I like the trigger on the 320 better than the Glock and I prefer the factory sights on the Sig too. I also prefer the Sig method of field strip/takedown that doesn't require pulling the trigger to disassemble. But those are all just personal preferences. I've owned, and carried, and trained with the G26 for several years and have no issues with it; great pistol.

I think you'll be happy with either one.


----------



## Livingthedream (Feb 27, 2016)

SteamboatWillie said:


> Wow, tough call. They are both great guns. Buy one now and the other later?
> 
> I like the trigger on the 320 better than the Glock and I prefer the factory sights on the Sig too. I also prefer the Sig method of field strip/takedown that doesn't require pulling the trigger to disassemble. But those are all just personal preferences. I've owned, and carried, and trained with the G26 for several years and have no issues with it; great pistol.
> 
> I think you'll be happy with either one.


I keep going back and forth. One day Glock the other sig. Like the feel of sig in my hand better than glock but prefer trigger of glock more crisp and shorter take up.The sig trigger has a little bit of a gritty feel and slightly more take up.


----------



## SteamboatWillie (Jan 24, 2013)

Livingthedream said:


> I keep going back and forth. One day Glock the other sig. Like the feel of sig in my hand better than glock but prefer trigger of glock more crisp and shorter take up.The sig trigger has a little bit of a gritty feel and slightly more take up.


I feel your pain 

I knew I wanted a new pistol with a red dot sight to help me focus these old geezer eyes. I narrowed it down to a Glock 19MOS and the Sig 320RX. Back and forth, back and forth. Both reliable handguns, I like the feel of both but the Sig just a little more. I like the trigger a little more on the Sig, but that's just my personal feeling.

When tapNrack mentioned the Cabela's 320RX package in his post, I found one, compared the price and the Sig won out. Still, I'm sure I would be happy with either one.

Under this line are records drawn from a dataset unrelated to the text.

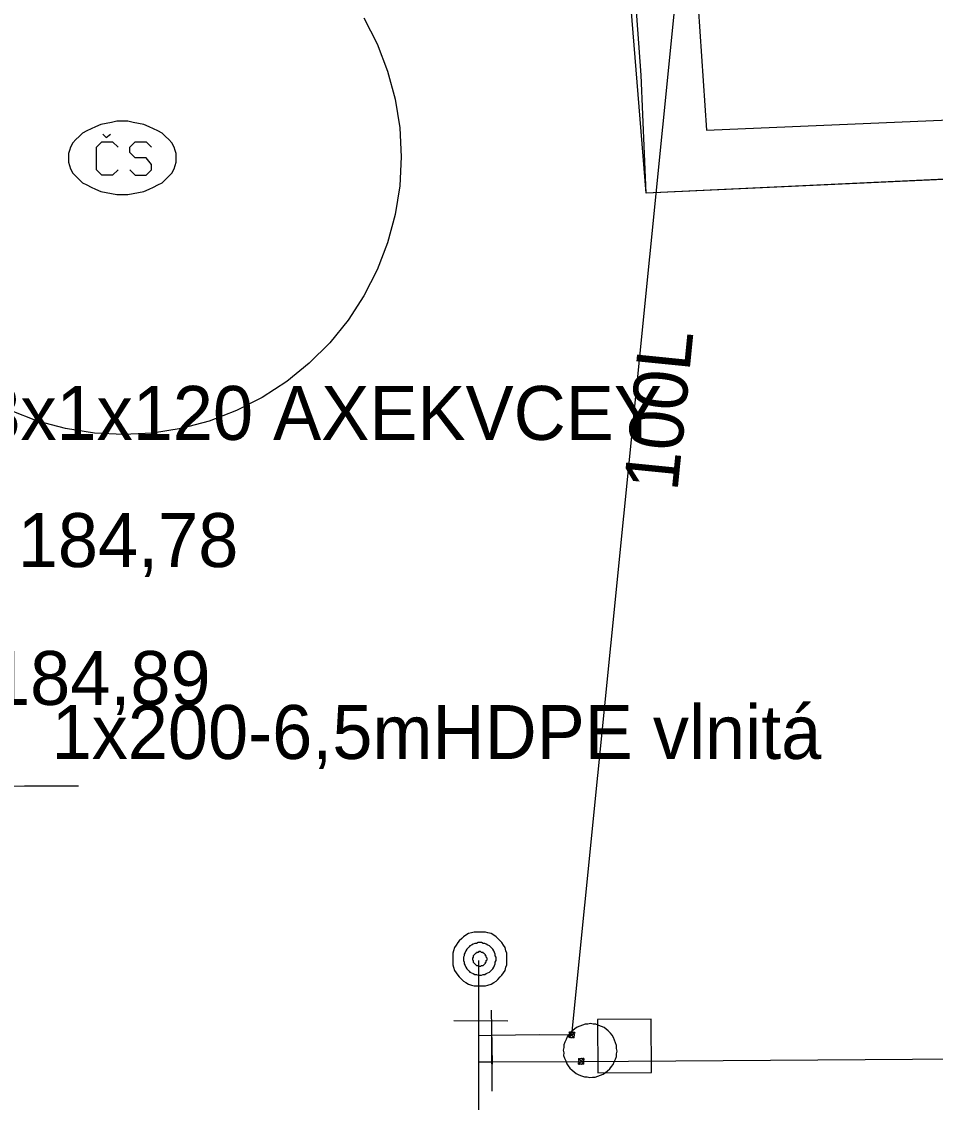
# Model space of a CAD drawing. Extents: x -746464 to -745690, y -1051581 to -1049993.
# Drawn here: x -745838.68 to -745821.74, y -1051035.98 to -1051015.94 of the extents above; entities that cross this region are included whole.
import ezdxf

# ---------------------------------------------------------------- set-up
doc = ezdxf.new("R2010")
doc.units = 0
for name, color, linetype in [('51_PVaK_kanal_objekty', 7, 'Continuous'), ('51_PVaK_kanal_popisy', 7, 'Continuous'), ('51_PVaK_vodovod_chranicky_objekty', 7, 'Continuous'), ('51_PVaK_vodovod_NEPROVOZUJE PVK_neoverene poloha', 7, 'Continuous'), ('51_PVaK_vodovod_overena poloha_pripojka', 7, 'Continuous'), ('51_PVaK_vodovod_overena poloha_rad', 7, 'Continuous'), ('51_PVaK_vodovod_popisy', 7, 'Continuous'), ('55_PREdi_NN', 7, 'Continuous'), ('55_PREdi_stavby_popisy', 7, 'Continuous'), ('55_PREdi_VN_popisy', 7, 'Continuous')]:
    doc.layers.add(name, color=color, linetype=linetype)

msp = doc.modelspace()

# ---------------------------------------------------------------- linework, layer by layer
at = {"layer": '51_PVaK_kanal_objekty'}
for q in [(-745837.172, -1051018.029), (-745837.032, -1051018.029)]:
    msp.add_line((-745837.112, -1051018.089), q, dxfattribs=at)
for points in [[(-745832.332, -1051015.874), (-745832.087, -1051016.354), (-745831.894, -1051016.858), (-745831.755, -1051017.378), (-745831.67, -1051017.911), (-745831.642, -1051018.449), (-745831.67, -1051018.987), (-745831.755, -1051019.52), (-745831.894, -1051020.04), (-745832.087, -1051020.544), (-745832.332, -1051021.024), (-745832.626, -1051021.476), (-745832.965, -1051021.895), (-745833.346, -1051022.276), (-745833.765, -1051022.615), (-745834.217, -1051022.909), (-745834.697, -1051023.154), (-745835.201, -1051023.347), (-745835.721, -1051023.486), (-745836.254, -1051023.571), (-745836.792, -1051023.599), (-745837.33, -1051023.571), (-745837.863, -1051023.486), (-745838.383, -1051023.347), (-745838.887, -1051023.154)], [(-745837.812, -1051018.469), (-745837.812, -1051018.549), (-745837.792, -1051018.609), (-745837.772, -1051018.669), (-745837.732, -1051018.749), (-745837.672, -1051018.809), (-745837.612, -1051018.869), (-745837.552, -1051018.929), (-745837.472, -1051018.969), (-745837.392, -1051019.009), (-745837.312, -1051019.049), (-745837.212, -1051019.089), (-745837.112, -1051019.109), (-745837.012, -1051019.129), (-745836.912, -1051019.149), (-745836.812, -1051019.149), (-745836.712, -1051019.149), (-745836.612, -1051019.129), (-745836.512, -1051019.109), (-745836.412, -1051019.089), (-745836.312, -1051019.049), (-745836.232, -1051019.009), (-745836.152, -1051018.969), (-745836.072, -1051018.929), (-745836.012, -1051018.869), (-745835.952, -1051018.809), (-745835.892, -1051018.749), (-745835.852, -1051018.669), (-745835.832, -1051018.609), (-745835.812, -1051018.549), (-745835.812, -1051018.469), (-745835.812, -1051018.389), (-745835.832, -1051018.329), (-745835.852, -1051018.269), (-745835.892, -1051018.189), (-745835.952, -1051018.129), (-745836.012, -1051018.069), (-745836.072, -1051018.009), (-745836.152, -1051017.969), (-745836.232, -1051017.929), (-745836.312, -1051017.889), (-745836.412, -1051017.849), (-745836.512, -1051017.829), (-745836.612, -1051017.809), (-745836.712, -1051017.789), (-745836.812, -1051017.789), (-745836.912, -1051017.789), (-745837.012, -1051017.809), (-745837.112, -1051017.829), (-745837.212, -1051017.849), (-745837.312, -1051017.889), (-745837.392, -1051017.929), (-745837.472, -1051017.969), (-745837.552, -1051018.009), (-745837.612, -1051018.069), (-745837.672, -1051018.129), (-745837.732, -1051018.189), (-745837.772, -1051018.269), (-745837.792, -1051018.329), (-745837.812, -1051018.389), (-745837.812, -1051018.469)], [(-745836.892, -1051018.689), (-745836.992, -1051018.789), (-745837.192, -1051018.789), (-745837.292, -1051018.689), (-745837.292, -1051018.269), (-745837.192, -1051018.169), (-745836.992, -1051018.169), (-745836.892, -1051018.269)], [(-745836.672, -1051018.689), (-745836.572, -1051018.789), (-745836.372, -1051018.789), (-745836.272, -1051018.689), (-745836.272, -1051018.589), (-745836.372, -1051018.469), (-745836.572, -1051018.469), (-745836.672, -1051018.369), (-745836.672, -1051018.269), (-745836.572, -1051018.169), (-745836.372, -1051018.169), (-745836.272, -1051018.269)]]:
    msp.add_lwpolyline(points, dxfattribs=at)
at = {"layer": '51_PVaK_vodovod_chranicky_objekty'}
for p, q in [((-745829.952, -1051035.271), (-745829.966, -1051034.271)), ((-745829.665, -1051034.472), (-745830.665, -1051034.468)), ((-745828.535, -1051034.772), (-745828.425, -1051034.682)), ((-745828.525, -1051034.672), (-745828.527, -1051034.692)), ((-745828.435, -1051034.782), (-745828.525, -1051034.672)), ((-745828.525, -1051034.672), (-745828.505, -1051034.674)), ((-745828.425, -1051034.682), (-745828.445, -1051034.68)), ((-745828.425, -1051034.682), (-745828.427, -1051034.702)), ((-745829.958, -1051035.77), (-745829.962, -1051034.77)), ((-745828.535, -1051034.772), (-745828.533, -1051034.752)), ((-745828.535, -1051034.772), (-745828.515, -1051034.774)), ((-745828.435, -1051034.782), (-745828.455, -1051034.78)), ((-745828.435, -1051034.782), (-745828.433, -1051034.762)), ((-745828.353, -1051035.268), (-745828.253, -1051035.168)), ((-745828.353, -1051035.168), (-745828.253, -1051035.268)), ((-745828.353, -1051035.168), (-745828.353, -1051035.188)), ((-745828.353, -1051035.168), (-745828.333, -1051035.168)), ((-745828.353, -1051035.268), (-745828.353, -1051035.248)), ((-745828.353, -1051035.268), (-745828.333, -1051035.268)), ((-745828.253, -1051035.168), (-745828.273, -1051035.168)), ((-745828.253, -1051035.268), (-745828.273, -1051035.268)), ((-745828.253, -1051035.168), (-745828.253, -1051035.188)), ((-745828.253, -1051035.268), (-745828.253, -1051035.248))]:
    msp.add_line(p, q, dxfattribs=at)
for points in [[(-745829.685, -1051033.32), (-745829.685, -1051033.274), (-745829.685, -1051033.214), (-745829.7, -1051033.168), (-745829.715, -1051033.108), (-745829.745, -1051033.062), (-745829.776, -1051033.017), (-745829.806, -1051032.986), (-745829.852, -1051032.941), (-745829.882, -1051032.911), (-745829.927, -1051032.88), (-745829.973, -1051032.85), (-745830.033, -1051032.835), (-745830.079, -1051032.82), (-745830.139, -1051032.82), (-745830.185, -1051032.82), (-745830.245, -1051032.82), (-745830.291, -1051032.82), (-745830.336, -1051032.835), (-745830.397, -1051032.85), (-745830.442, -1051032.88), (-745830.488, -1051032.911), (-745830.518, -1051032.941), (-745830.564, -1051032.986), (-745830.594, -1051033.017), (-745830.624, -1051033.062), (-745830.655, -1051033.108), (-745830.67, -1051033.168), (-745830.685, -1051033.214), (-745830.685, -1051033.274), (-745830.685, -1051033.32), (-745830.685, -1051033.38), (-745830.685, -1051033.426), (-745830.67, -1051033.471), (-745830.655, -1051033.532), (-745830.624, -1051033.577), (-745830.594, -1051033.623), (-745830.564, -1051033.653), (-745830.518, -1051033.698), (-745830.488, -1051033.729), (-745830.442, -1051033.759), (-745830.397, -1051033.789), (-745830.336, -1051033.805), (-745830.291, -1051033.82), (-745830.245, -1051033.82), (-745830.185, -1051033.82), (-745830.139, -1051033.82), (-745830.079, -1051033.82), (-745830.033, -1051033.805), (-745829.973, -1051033.789), (-745829.927, -1051033.759), (-745829.882, -1051033.729), (-745829.852, -1051033.698), (-745829.806, -1051033.653), (-745829.776, -1051033.623), (-745829.745, -1051033.577), (-745829.715, -1051033.532), (-745829.7, -1051033.471), (-745829.685, -1051033.426), (-745829.685, -1051033.38), (-745829.685, -1051033.32)], [(-745829.882, -1051033.32), (-745829.882, -1051033.289), (-745829.897, -1051033.259), (-745829.897, -1051033.229), (-745829.912, -1051033.198), (-745829.927, -1051033.168), (-745829.942, -1051033.138), (-745829.958, -1051033.123), (-745829.988, -1051033.092), (-745830.003, -1051033.077), (-745830.033, -1051033.062), (-745830.064, -1051033.047), (-745830.094, -1051033.032), (-745830.124, -1051033.032), (-745830.155, -1051033.017), (-745830.185, -1051033.017), (-745830.215, -1051033.017), (-745830.245, -1051033.032), (-745830.276, -1051033.032), (-745830.306, -1051033.047), (-745830.336, -1051033.062), (-745830.367, -1051033.077), (-745830.382, -1051033.092), (-745830.412, -1051033.123), (-745830.427, -1051033.138), (-745830.442, -1051033.168), (-745830.458, -1051033.198), (-745830.473, -1051033.229), (-745830.473, -1051033.259), (-745830.488, -1051033.289), (-745830.488, -1051033.32), (-745830.488, -1051033.35), (-745830.473, -1051033.38), (-745830.473, -1051033.411), (-745830.458, -1051033.441), (-745830.442, -1051033.471), (-745830.427, -1051033.502), (-745830.412, -1051033.517), (-745830.382, -1051033.547), (-745830.367, -1051033.562), (-745830.336, -1051033.577), (-745830.306, -1051033.592), (-745830.276, -1051033.608), (-745830.245, -1051033.608), (-745830.215, -1051033.623), (-745830.185, -1051033.623), (-745830.155, -1051033.623), (-745830.124, -1051033.608), (-745830.094, -1051033.608), (-745830.064, -1051033.592), (-745830.033, -1051033.577), (-745830.003, -1051033.562), (-745829.988, -1051033.547), (-745829.958, -1051033.517), (-745829.942, -1051033.502), (-745829.927, -1051033.471), (-745829.912, -1051033.441), (-745829.897, -1051033.411), (-745829.897, -1051033.38), (-745829.882, -1051033.35), (-745829.882, -1051033.32)], [(-745830.048, -1051033.32), (-745830.048, -1051033.305), (-745830.064, -1051033.289), (-745830.064, -1051033.274), (-745830.064, -1051033.259), (-745830.079, -1051033.259), (-745830.079, -1051033.244), (-745830.094, -1051033.229), (-745830.109, -1051033.214), (-745830.124, -1051033.214), (-745830.124, -1051033.198), (-745830.139, -1051033.198), (-745830.155, -1051033.198), (-745830.17, -1051033.183), (-745830.185, -1051033.183), (-745830.2, -1051033.183), (-745830.215, -1051033.198), (-745830.23, -1051033.198), (-745830.245, -1051033.198), (-745830.245, -1051033.214), (-745830.261, -1051033.214), (-745830.276, -1051033.229), (-745830.291, -1051033.244), (-745830.306, -1051033.259), (-745830.306, -1051033.274), (-745830.306, -1051033.289), (-745830.321, -1051033.305), (-745830.321, -1051033.32), (-745830.321, -1051033.335), (-745830.306, -1051033.35), (-745830.306, -1051033.365), (-745830.306, -1051033.38), (-745830.291, -1051033.395), (-745830.276, -1051033.411), (-745830.261, -1051033.426), (-745830.245, -1051033.441), (-745830.23, -1051033.441), (-745830.215, -1051033.441), (-745830.2, -1051033.456), (-745830.185, -1051033.456), (-745830.17, -1051033.456), (-745830.155, -1051033.441), (-745830.139, -1051033.441), (-745830.124, -1051033.441), (-745830.109, -1051033.426), (-745830.094, -1051033.411), (-745830.079, -1051033.395), (-745830.079, -1051033.38), (-745830.064, -1051033.38), (-745830.064, -1051033.365), (-745830.064, -1051033.35), (-745830.048, -1051033.335), (-745830.048, -1051033.32)], [(-745827.638, -1051035.027), (-745827.647, -1051034.977), (-745827.647, -1051034.927), (-745827.666, -1051034.876), (-745827.685, -1051034.826), (-745827.704, -1051034.776), (-745827.733, -1051034.735), (-745827.763, -1051034.695), (-745827.802, -1051034.654), (-745827.842, -1051034.623), (-745827.881, -1051034.593), (-745827.931, -1051034.572), (-745827.98, -1051034.551), (-745828.03, -1051034.53), (-745828.08, -1051034.529), (-745828.13, -1051034.518), (-745828.18, -1051034.528), (-745828.23, -1051034.527), (-745828.28, -1051034.546), (-745828.331, -1051034.565), (-745828.381, -1051034.584), (-745828.422, -1051034.614), (-745828.462, -1051034.643), (-745828.503, -1051034.682), (-745828.533, -1051034.722), (-745828.564, -1051034.761), (-745828.585, -1051034.811), (-745828.606, -1051034.861), (-745828.627, -1051034.91), (-745828.627, -1051034.96), (-745828.638, -1051035.01), (-745828.629, -1051035.06), (-745828.63, -1051035.11), (-745828.611, -1051035.161), (-745828.592, -1051035.211), (-745828.572, -1051035.261), (-745828.543, -1051035.302), (-745828.514, -1051035.342), (-745828.474, -1051035.383), (-745828.435, -1051035.414), (-745828.395, -1051035.444), (-745828.346, -1051035.465), (-745828.296, -1051035.486), (-745828.246, -1051035.507), (-745828.196, -1051035.508), (-745828.147, -1051035.518), (-745828.096, -1051035.509), (-745828.046, -1051035.51), (-745827.996, -1051035.491), (-745827.946, -1051035.472), (-745827.895, -1051035.453), (-745827.855, -1051035.423), (-745827.814, -1051035.394), (-745827.774, -1051035.355), (-745827.743, -1051035.315), (-745827.712, -1051035.276), (-745827.692, -1051035.226), (-745827.671, -1051035.176), (-745827.65, -1051035.127), (-745827.649, -1051035.077), (-745827.638, -1051035.027)], [(-745828.475, -1051034.677), (-745828.48, -1051034.677), (-745828.485, -1051034.677), (-745828.49, -1051034.678), (-745828.495, -1051034.679), (-745828.5, -1051034.682), (-745828.505, -1051034.684), (-745828.509, -1051034.687), (-745828.513, -1051034.69), (-745828.517, -1051034.694), (-745828.52, -1051034.698), (-745828.524, -1051034.702), (-745828.526, -1051034.707), (-745828.528, -1051034.712), (-745828.529, -1051034.717), (-745828.53, -1051034.722), (-745828.53, -1051034.727), (-745828.53, -1051034.732), (-745828.529, -1051034.737), (-745828.528, -1051034.742), (-745828.525, -1051034.747), (-745828.523, -1051034.752), (-745828.52, -1051034.756), (-745828.516, -1051034.76), (-745828.513, -1051034.764), (-745828.509, -1051034.767), (-745828.504, -1051034.771), (-745828.5, -1051034.773), (-745828.495, -1051034.775), (-745828.49, -1051034.776), (-745828.485, -1051034.777), (-745828.48, -1051034.777), (-745828.475, -1051034.777), (-745828.47, -1051034.776), (-745828.465, -1051034.775), (-745828.459, -1051034.772), (-745828.455, -1051034.77), (-745828.451, -1051034.767), (-745828.446, -1051034.763), (-745828.443, -1051034.76), (-745828.44, -1051034.756), (-745828.436, -1051034.751), (-745828.434, -1051034.747), (-745828.432, -1051034.742), (-745828.431, -1051034.737), (-745828.43, -1051034.732), (-745828.43, -1051034.727), (-745828.43, -1051034.722), (-745828.431, -1051034.717), (-745828.432, -1051034.712), (-745828.435, -1051034.706), (-745828.437, -1051034.702), (-745828.44, -1051034.698), (-745828.443, -1051034.693), (-745828.447, -1051034.69), (-745828.451, -1051034.687), (-745828.455, -1051034.683), (-745828.46, -1051034.681), (-745828.465, -1051034.679), (-745828.47, -1051034.678), (-745828.475, -1051034.677)], [(-745828.253, -1051035.218), (-745828.253, -1051035.213), (-745828.254, -1051035.208), (-745828.255, -1051035.203), (-745828.257, -1051035.198), (-745828.26, -1051035.193), (-745828.263, -1051035.189), (-745828.266, -1051035.185), (-745828.27, -1051035.181), (-745828.274, -1051035.178), (-745828.278, -1051035.175), (-745828.283, -1051035.172), (-745828.288, -1051035.17), (-745828.293, -1051035.169), (-745828.298, -1051035.168), (-745828.303, -1051035.168), (-745828.308, -1051035.168), (-745828.313, -1051035.169), (-745828.318, -1051035.17), (-745828.323, -1051035.172), (-745828.328, -1051035.175), (-745828.332, -1051035.178), (-745828.336, -1051035.181), (-745828.34, -1051035.185), (-745828.343, -1051035.189), (-745828.346, -1051035.193), (-745828.349, -1051035.198), (-745828.351, -1051035.203), (-745828.352, -1051035.208), (-745828.353, -1051035.213), (-745828.353, -1051035.218), (-745828.353, -1051035.223), (-745828.352, -1051035.228), (-745828.351, -1051035.233), (-745828.349, -1051035.238), (-745828.346, -1051035.243), (-745828.343, -1051035.247), (-745828.34, -1051035.251), (-745828.336, -1051035.255), (-745828.332, -1051035.258), (-745828.328, -1051035.261), (-745828.323, -1051035.264), (-745828.318, -1051035.266), (-745828.313, -1051035.267), (-745828.308, -1051035.268), (-745828.303, -1051035.268), (-745828.298, -1051035.268), (-745828.293, -1051035.267), (-745828.288, -1051035.266), (-745828.283, -1051035.264), (-745828.278, -1051035.261), (-745828.274, -1051035.258), (-745828.27, -1051035.255), (-745828.266, -1051035.251), (-745828.263, -1051035.247), (-745828.26, -1051035.243), (-745828.257, -1051035.238), (-745828.255, -1051035.233), (-745828.254, -1051035.228), (-745828.253, -1051035.223), (-745828.253, -1051035.218)]]:
    msp.add_lwpolyline(points, dxfattribs=at)
msp.add_lwpolyline([(-745827.994, -1051035.433), (-745827.001, -1051035.426), (-745827.008, -1051034.433), (-745828.001, -1051034.44)], close=True, dxfattribs=at)
at = {"layer": '51_PVaK_vodovod_NEPROVOZUJE PVK_neoverene poloha'}
for p, q in [((-745828.479, -1051034.728), (-745784.302, -1050594.304)), ((-745828.304, -1051035.219), (-745819.559, -1051035.158))]:
    msp.add_line(p, q, dxfattribs=at)
at = {"layer": '51_PVaK_vodovod_overena poloha_pripojka'}
for p, q in [((-745830.205, -1051034.738), (-745829.96, -1051034.73)), ((-745830.2, -1051035.23), (-745829.96, -1051035.23)), ((-745829.96, -1051035.23), (-745828.304, -1051035.219))]:
    msp.add_line(p, q, dxfattribs=at)
msp.add_lwpolyline([(-745829.96, -1051034.73), (-745829.082, -1051034.718), (-745828.479, -1051034.728)], dxfattribs=at)
at = {"layer": '51_PVaK_vodovod_overena poloha_rad'}
msp.add_line((-745830.205, -1051034.47), (-745830.2, -1051033.35), dxfattribs=at)
msp.add_lwpolyline([(-745833.01, -1051077), (-745832.509, -1051077.017), (-745832.444, -1051076.403), (-745831.25, -1051066.67), (-745830.67, -1051055.07), (-745830.2, -1051040.51), (-745830.2, -1051035.23), (-745830.205, -1051034.738), (-745830.205, -1051034.47)], dxfattribs=at)
at = {"layer": '55_PREdi_NN'}
for points in [[(-745837.159, -1050997.542), (-745837.742, -1051004.109), (-745826.756, -1051006.517), (-745825.981, -1051017.955), (-745786.646, -1051016.278), (-745785.24, -1051039.436)], [(-745785.885, -1051043.032), (-745785.946, -1051041.178), (-745786.135, -1051041.195), (-745787.515, -1051017.302), (-745827.097, -1051019.124), (-745828.037, -1051007.528), (-745839.158, -1051005.153), (-745839.628, -1051010.974)], [(-745785.636, -1051041.166), (-745786.778, -1051022.538), (-745787.016, -1051017.273), (-745796.221, -1051017.675), (-745827.097, -1051019.124), (-745827.19, -1051016.935), (-745827.873, -1051007.615)]]:
    msp.add_lwpolyline(points, dxfattribs=at)
at = {"layer": '55_PREdi_stavby_popisy'}
msp.add_lwpolyline([(-745850.11, -1051030.435), (-745838.623, -1051030.112), (-745837.623, -1051030.112)], dxfattribs=at)

# ---------------------------------------------------------------- texts
at = {"layer": '51_PVaK_kanal_popisy'}
for s, p in [('184,78', (-745838.751, -1051026.054)), ('184,89', (-745839.266, -1051028.61))]:
    msp.add_text(s, height=1, dxfattribs=at).set_placement(p)
at = {"layer": '51_PVaK_vodovod_popisy'}
msp.add_text('100L', height=1, rotation=84.2699, dxfattribs=at).set_placement((-745826.52, -1051024.668))
at = {"layer": '55_PREdi_stavby_popisy'}
msp.add_text('1x200-6,5mHDPE vlnitá', height=1, dxfattribs=at).set_placement((-745838.123, -1051029.612))
at = {"layer": '55_PREdi_VN_popisy'}
msp.add_text('3x1x120 AXEKVCEY', height=1, dxfattribs=at).set_placement((-745839.444, -1051023.696))

doc.saveas('drawing.dxf')

I guess the only good news is this is sure one of those "first world problems".  I'll be curious to learn your final decision.


----------



## Livingthedream (Feb 27, 2016)

SteamboatWillie said:


> I feel your pain
> 
> I knew I wanted a new pistol with a red dot sight to help me focus these old geezer eyes. I narrowed it down to a Glock 19MOS and the Sig 320RX. Back and forth, back and forth. Both reliable handguns, I like the feel of both but the Sig just a little more. I like the trigger a little more on the Sig, but that's just my personal feeling.
> 
> ...


My son just told me that glock is releasing a new gun soon. Glock 17M. Saw a picture of it grip looks a little different. Maybe the G26 gen 4 price will drop a little.Then that might make decision a little easier.


----------



## David_Silver (Sep 1, 2016)

Livingthedream said:


> Want to add to my collection but can't decide between glock or sig. Help me.


From what I've read of the 26 is it's just a smaller version of the 19, which is itself a smaller 17. If you liked the 17 the 26 should be good for you.


----------



## DLYskes1976 (Sep 15, 2015)

i just picked up the G4 G26... why? cuz i have a gen4 g17 and g19... I will say when shooting the g26, it's accurate, but you do need a pinky grip extension which i have for 1 mag., or to use a g19 mag for a better grip.. 

i had been debating about picking up a Sig 320... had a couple options from the sub compact, compact, full size, RMR, tac ops.. but decided to just stick with glock... 

plus, having the compatibility of all mags is a plus too....


----------



## Kennydale (Jun 10, 2013)

It seems now with the Sig gaining the Army contract. It might be shortly difficult for civilians to buy Sig P320's. So if Sig is your choice . I'd jump if one is available now.


----------



## Craigh (Jul 29, 2016)

I know this is a bit of an old thread, but I'd take the road less traveled and get the Sig. Like Walther, FN, and HK, I've found Sigs come with a lot of factory grease and grit when shipped. I mean my last Walther had Cosmoline on everything. What this means is that you trigger you might feel in the store is not the trigger you get after a few rounds and a good cleaning with lubrication. The trigger of my Walther or my brother's P320 is miles above any Glock I've ever owned or shot and that's after sinking a couple of hundred into a Glock's factory trigger. My Glock 19 isn't even in the same ballpark. It's more like, but a little lighter than, pulling the trigger on my old Swinglne staple-gun. Shhtamp-poing!


----------



## magnum922 (Feb 16, 2017)

The Glock 26 is one of the best shooting (out of the box) handguns you'll ever find. Have been shooting one for 6 years now and never regret the purchase. It is just a great shooting handgun. I do have mag extensions (for pinky) on every magazine / aids your grip.


----------



## Blackhawkman (Apr 9, 2014)

Just get the Glock, Sig triggers suck. jmho


----------



## Izzard (Mar 6, 2017)

Both are great firearms, the Glock 26 has the nickname baby Glock so if you dont mind it being small than go for it.


----------